RZ: Like the Zapatistas, or like the Landless Workers Movement (MST) in Brazil. The MST, for example, was greatly debilitated during the government of Luiz Inácio Lula da Silva. But in the last two years, they have begun a process from the base where the women, youth, and members of the LGBTQ community began to organize within the movement so that their demands would be heard throughout the movement. In this manner, the process inverted, and the movement began to be revitalized.
Why did it become revitalized? Now there were new social actors – the youth, women, and LGBTQ, began to activate, and curiously, especially for a campesino culture, these elements served to strengthen the movement. This process has only newly begun, but it begins from a new place that speaks very well of the movement, and successfully opened the movement to these topics.
Today we are in a new type of period. Today women and the youth hold the central position in all Latin America. The movements that have permitted and advanced the organization of youth and women are those that have revitalized. The meeting of Zapatistas in Morelia or the meeting of women in March of  is a case in this direction. Here is a fundamental element: Half of the Zapatistas are less 20-years-old. It is a movement that has a future.
JA: It is a young movement now?
RZ: It is a very young movement.
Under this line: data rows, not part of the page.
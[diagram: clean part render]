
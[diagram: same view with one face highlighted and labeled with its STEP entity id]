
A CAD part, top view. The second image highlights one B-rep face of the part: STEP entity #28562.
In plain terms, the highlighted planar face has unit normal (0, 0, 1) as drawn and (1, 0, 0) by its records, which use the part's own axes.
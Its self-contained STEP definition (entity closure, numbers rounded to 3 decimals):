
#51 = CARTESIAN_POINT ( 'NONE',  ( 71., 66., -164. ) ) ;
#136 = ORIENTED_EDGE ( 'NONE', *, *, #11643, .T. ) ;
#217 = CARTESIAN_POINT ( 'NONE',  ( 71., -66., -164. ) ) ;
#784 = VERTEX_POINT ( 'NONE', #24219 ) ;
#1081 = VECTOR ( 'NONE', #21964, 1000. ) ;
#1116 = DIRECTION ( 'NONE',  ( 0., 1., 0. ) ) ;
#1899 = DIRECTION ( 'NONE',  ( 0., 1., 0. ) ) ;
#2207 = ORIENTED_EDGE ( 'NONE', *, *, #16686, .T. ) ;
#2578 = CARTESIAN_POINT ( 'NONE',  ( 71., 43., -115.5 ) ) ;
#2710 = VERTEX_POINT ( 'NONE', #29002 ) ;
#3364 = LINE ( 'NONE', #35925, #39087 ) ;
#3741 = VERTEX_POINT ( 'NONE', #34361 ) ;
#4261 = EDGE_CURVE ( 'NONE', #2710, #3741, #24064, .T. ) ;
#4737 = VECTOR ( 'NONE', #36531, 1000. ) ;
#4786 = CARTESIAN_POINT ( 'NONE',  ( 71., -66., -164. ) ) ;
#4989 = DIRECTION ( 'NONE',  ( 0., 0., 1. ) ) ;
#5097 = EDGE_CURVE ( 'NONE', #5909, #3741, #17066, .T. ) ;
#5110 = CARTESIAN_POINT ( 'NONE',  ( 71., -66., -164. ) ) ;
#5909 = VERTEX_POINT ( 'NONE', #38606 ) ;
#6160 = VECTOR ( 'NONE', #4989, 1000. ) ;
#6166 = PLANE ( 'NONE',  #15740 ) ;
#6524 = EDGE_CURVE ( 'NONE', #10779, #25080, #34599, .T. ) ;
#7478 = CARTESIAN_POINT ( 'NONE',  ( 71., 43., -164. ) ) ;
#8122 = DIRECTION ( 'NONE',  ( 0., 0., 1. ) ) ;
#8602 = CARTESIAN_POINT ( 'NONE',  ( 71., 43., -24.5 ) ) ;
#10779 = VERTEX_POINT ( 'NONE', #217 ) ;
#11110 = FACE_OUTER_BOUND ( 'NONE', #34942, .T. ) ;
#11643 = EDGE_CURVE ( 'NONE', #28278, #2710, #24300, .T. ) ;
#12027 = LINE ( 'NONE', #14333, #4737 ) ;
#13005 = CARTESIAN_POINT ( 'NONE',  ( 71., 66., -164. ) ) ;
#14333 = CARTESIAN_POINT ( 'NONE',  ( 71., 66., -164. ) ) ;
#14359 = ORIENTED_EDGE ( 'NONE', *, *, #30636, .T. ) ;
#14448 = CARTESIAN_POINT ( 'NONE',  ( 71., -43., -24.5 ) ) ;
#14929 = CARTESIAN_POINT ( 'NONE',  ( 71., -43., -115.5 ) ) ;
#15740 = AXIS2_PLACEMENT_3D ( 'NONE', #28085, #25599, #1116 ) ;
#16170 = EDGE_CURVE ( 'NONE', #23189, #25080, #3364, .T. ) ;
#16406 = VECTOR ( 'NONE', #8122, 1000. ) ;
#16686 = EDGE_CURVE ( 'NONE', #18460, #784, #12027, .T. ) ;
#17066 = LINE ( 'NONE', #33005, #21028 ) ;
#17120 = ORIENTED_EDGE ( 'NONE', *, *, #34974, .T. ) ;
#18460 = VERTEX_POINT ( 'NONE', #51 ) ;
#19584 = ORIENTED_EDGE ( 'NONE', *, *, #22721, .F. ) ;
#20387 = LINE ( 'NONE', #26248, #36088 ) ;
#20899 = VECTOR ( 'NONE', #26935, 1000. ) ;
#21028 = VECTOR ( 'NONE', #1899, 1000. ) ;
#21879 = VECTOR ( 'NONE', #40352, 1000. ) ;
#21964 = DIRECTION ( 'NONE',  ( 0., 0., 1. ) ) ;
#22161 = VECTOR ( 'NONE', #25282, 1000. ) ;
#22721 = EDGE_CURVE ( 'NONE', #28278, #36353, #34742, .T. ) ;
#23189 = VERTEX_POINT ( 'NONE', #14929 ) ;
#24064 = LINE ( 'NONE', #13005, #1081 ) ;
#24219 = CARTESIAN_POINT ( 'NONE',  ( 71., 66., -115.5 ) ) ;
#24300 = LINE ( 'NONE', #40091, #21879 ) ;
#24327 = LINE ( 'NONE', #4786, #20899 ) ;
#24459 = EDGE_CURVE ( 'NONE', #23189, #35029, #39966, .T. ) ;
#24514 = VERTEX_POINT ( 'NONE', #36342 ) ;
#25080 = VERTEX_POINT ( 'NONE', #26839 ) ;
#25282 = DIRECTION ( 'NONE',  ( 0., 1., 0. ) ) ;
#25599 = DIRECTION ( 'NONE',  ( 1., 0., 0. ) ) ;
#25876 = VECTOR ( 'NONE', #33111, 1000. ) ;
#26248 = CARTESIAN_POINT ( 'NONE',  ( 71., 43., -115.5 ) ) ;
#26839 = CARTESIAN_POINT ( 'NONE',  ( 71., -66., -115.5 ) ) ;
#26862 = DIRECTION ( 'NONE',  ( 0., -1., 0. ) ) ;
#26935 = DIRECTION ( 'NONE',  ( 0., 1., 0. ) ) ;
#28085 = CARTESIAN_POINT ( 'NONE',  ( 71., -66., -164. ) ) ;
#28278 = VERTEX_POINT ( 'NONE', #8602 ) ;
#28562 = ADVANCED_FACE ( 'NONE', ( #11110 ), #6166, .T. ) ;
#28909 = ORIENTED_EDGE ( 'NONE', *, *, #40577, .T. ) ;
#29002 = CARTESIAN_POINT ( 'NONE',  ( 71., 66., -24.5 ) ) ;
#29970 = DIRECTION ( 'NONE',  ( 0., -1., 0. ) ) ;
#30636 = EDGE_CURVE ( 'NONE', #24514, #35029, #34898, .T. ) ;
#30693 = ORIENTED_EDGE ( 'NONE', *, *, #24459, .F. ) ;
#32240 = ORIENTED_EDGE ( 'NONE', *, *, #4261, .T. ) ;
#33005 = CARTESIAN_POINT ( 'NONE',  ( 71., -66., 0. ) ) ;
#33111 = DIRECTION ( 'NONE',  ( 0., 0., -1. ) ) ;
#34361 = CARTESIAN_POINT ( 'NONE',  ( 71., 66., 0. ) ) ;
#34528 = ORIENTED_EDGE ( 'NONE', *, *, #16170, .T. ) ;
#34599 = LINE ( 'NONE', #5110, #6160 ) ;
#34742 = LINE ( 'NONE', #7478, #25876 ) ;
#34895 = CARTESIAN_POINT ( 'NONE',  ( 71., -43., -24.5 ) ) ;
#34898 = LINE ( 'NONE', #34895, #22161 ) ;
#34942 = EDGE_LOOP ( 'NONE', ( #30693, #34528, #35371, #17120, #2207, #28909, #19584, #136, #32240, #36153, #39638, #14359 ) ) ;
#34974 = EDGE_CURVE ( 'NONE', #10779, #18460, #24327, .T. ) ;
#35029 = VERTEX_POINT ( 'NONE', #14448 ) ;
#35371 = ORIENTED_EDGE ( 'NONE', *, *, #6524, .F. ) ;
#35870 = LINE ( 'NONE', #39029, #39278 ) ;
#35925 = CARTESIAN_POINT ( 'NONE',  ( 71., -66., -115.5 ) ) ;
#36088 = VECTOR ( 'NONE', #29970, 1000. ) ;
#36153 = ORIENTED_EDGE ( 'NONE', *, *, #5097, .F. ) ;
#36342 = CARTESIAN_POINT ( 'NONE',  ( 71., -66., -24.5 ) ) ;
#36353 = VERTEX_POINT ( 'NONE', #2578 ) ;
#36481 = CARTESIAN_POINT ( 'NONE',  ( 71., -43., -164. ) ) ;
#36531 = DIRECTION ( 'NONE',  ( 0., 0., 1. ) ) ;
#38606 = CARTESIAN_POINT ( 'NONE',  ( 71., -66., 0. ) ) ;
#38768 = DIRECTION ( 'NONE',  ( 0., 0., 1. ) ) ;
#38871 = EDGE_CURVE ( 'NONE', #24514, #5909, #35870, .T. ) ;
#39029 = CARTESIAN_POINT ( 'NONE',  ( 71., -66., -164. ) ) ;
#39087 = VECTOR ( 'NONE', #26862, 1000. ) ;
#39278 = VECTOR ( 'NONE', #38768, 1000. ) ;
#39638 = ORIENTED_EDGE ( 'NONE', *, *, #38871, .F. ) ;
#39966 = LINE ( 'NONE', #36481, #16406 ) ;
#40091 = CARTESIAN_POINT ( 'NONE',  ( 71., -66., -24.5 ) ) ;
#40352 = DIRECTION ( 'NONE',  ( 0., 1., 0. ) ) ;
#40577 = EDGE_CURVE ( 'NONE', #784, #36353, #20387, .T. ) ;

These meetings reveal a presence of the youth and a change in the traditional indigenous culture. As you know very well, a movement cannot reproduce the hegemonic culture. A social movement is also a change in the culture. The Zapatistas held a meeting of women, where the indigenous culture is very patriarchal, and then a meeting about cinema – it reveals that there is an interesting cultural change occurring.
JA: And are you seeing similar changes in communities of Latin America?
RZ: The Mapuche are in a very interesting process. I have met with a collective called Comunidad de Historia Mapuche, which is a group of Mapuche who studied in university and then returned to their communities and used their studies to strengthen the communitarian character.
Catrillanca, who was just killed, was less than 30-years-old. The most dynamic group today is the Alianza Territorial Mapuche, and is basically all youth. The other case I mentioned is that of MST where the women, youth, and LGBT members are playing a central role. This is an important cultural change that is modifying the political culture of the movements.